What the task asks — Tally every line of the records below that includes "dimtfac", and reply with the total alone.

Data entries —
====
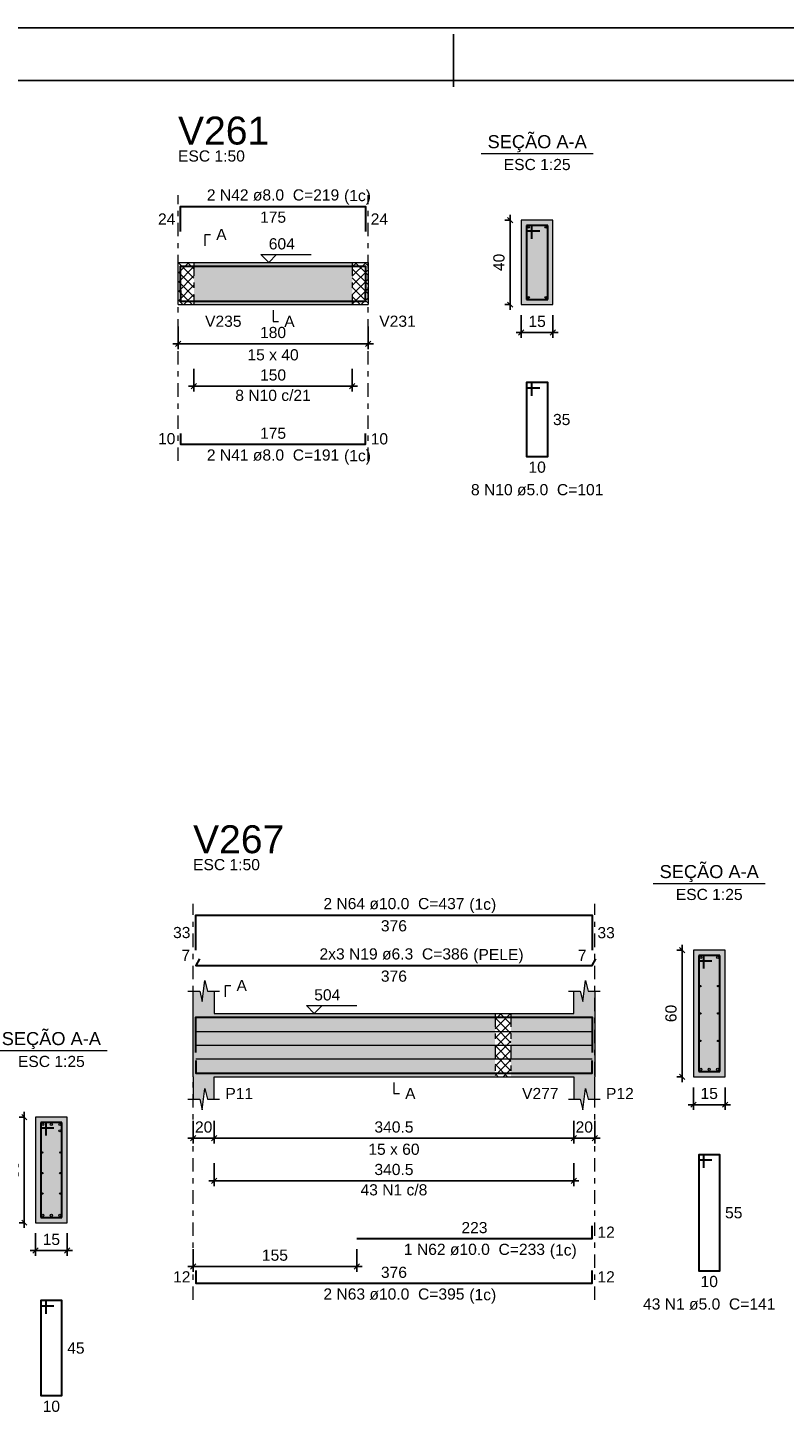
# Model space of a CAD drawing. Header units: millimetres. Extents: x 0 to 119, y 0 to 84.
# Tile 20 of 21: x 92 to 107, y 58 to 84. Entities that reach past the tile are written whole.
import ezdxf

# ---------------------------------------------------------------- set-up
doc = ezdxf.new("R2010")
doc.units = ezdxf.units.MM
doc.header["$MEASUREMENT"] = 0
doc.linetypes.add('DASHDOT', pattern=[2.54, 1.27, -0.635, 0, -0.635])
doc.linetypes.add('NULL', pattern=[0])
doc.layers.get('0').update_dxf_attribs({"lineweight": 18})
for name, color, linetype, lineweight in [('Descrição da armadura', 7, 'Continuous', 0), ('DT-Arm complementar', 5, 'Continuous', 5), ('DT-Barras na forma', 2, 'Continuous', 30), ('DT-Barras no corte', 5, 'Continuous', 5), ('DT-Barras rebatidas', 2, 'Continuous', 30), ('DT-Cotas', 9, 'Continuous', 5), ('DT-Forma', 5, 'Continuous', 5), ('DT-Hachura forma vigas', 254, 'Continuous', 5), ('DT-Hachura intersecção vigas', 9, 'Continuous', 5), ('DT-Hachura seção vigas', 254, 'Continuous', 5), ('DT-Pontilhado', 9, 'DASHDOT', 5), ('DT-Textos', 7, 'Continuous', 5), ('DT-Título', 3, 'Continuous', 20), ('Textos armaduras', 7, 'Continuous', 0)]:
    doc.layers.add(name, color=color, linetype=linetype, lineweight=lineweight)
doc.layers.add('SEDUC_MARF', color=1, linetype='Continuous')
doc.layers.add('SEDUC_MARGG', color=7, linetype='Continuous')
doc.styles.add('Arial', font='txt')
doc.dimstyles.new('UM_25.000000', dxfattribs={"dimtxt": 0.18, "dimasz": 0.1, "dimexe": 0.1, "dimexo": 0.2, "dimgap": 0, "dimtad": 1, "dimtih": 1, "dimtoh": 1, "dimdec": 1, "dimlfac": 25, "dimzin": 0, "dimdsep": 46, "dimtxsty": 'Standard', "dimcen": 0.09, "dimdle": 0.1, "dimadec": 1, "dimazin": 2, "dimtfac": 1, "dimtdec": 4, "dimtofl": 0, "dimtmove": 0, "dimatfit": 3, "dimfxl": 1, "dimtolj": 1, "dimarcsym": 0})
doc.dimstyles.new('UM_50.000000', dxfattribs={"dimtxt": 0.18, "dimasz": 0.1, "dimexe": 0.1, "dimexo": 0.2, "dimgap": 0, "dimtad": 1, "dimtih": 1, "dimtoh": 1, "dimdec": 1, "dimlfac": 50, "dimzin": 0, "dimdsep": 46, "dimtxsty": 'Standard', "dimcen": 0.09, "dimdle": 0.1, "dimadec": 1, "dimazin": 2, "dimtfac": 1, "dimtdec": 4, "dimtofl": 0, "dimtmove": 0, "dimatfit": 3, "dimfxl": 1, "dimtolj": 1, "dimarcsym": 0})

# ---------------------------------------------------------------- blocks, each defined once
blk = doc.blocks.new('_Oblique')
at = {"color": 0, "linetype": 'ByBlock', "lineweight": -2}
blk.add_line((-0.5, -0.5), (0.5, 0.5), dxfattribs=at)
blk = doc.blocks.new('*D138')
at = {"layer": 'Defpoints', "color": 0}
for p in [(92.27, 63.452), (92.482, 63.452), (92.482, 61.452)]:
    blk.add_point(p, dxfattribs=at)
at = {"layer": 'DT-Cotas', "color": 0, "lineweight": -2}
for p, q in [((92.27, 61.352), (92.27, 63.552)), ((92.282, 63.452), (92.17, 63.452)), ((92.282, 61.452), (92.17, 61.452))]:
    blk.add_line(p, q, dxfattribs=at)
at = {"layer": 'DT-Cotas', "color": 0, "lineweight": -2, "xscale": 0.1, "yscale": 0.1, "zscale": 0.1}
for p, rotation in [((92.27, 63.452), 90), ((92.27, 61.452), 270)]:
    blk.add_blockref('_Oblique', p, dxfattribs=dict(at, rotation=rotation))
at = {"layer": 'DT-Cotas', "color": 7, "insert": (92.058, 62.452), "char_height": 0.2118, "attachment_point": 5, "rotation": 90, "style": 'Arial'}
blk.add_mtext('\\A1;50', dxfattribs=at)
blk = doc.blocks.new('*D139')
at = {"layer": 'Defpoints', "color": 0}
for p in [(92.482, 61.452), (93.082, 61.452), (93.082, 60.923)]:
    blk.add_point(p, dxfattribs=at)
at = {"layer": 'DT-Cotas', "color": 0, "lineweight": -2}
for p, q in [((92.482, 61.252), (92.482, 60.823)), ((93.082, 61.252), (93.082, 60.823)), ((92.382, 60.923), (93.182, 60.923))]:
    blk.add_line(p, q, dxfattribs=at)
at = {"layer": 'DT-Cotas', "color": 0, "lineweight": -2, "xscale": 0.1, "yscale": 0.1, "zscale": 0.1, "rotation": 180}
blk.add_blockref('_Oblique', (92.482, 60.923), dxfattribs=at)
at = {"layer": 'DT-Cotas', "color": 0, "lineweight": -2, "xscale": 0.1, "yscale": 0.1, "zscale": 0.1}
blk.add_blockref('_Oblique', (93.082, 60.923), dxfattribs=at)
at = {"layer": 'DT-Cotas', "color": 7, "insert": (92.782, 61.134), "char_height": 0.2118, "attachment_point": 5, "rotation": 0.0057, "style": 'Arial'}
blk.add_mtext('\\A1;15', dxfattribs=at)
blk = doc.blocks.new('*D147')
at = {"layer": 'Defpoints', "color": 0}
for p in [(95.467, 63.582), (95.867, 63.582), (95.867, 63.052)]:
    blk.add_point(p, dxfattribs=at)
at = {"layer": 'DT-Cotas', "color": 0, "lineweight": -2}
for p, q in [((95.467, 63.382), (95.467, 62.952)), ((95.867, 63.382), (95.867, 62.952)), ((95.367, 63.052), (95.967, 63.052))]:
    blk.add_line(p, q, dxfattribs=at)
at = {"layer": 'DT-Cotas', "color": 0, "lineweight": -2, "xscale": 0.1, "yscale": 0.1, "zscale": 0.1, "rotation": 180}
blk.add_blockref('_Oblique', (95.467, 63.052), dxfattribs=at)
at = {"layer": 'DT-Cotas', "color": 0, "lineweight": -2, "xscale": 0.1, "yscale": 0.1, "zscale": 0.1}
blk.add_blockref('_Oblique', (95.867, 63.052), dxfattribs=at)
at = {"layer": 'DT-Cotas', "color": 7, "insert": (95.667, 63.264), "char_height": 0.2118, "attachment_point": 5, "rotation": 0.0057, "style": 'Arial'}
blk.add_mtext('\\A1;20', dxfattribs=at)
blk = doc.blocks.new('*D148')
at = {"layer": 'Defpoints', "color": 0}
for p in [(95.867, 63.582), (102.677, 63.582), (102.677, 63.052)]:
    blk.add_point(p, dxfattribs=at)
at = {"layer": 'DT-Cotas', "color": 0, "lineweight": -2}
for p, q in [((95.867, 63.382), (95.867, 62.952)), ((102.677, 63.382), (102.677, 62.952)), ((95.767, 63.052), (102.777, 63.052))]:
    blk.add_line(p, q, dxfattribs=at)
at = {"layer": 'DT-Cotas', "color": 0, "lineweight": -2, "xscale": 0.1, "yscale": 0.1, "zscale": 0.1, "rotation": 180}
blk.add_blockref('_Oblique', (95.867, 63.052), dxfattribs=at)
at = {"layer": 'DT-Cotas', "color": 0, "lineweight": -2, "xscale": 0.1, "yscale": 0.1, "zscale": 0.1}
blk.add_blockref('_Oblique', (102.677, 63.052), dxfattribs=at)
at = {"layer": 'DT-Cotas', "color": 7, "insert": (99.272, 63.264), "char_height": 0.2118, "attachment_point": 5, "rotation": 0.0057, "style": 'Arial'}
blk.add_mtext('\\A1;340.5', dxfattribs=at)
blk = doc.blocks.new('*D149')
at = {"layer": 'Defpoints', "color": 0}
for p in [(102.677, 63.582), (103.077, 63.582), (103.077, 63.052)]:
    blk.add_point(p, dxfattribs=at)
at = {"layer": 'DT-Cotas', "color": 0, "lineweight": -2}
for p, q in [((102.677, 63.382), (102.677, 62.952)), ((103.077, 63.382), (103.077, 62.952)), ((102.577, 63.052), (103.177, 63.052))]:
====
Solution below — 2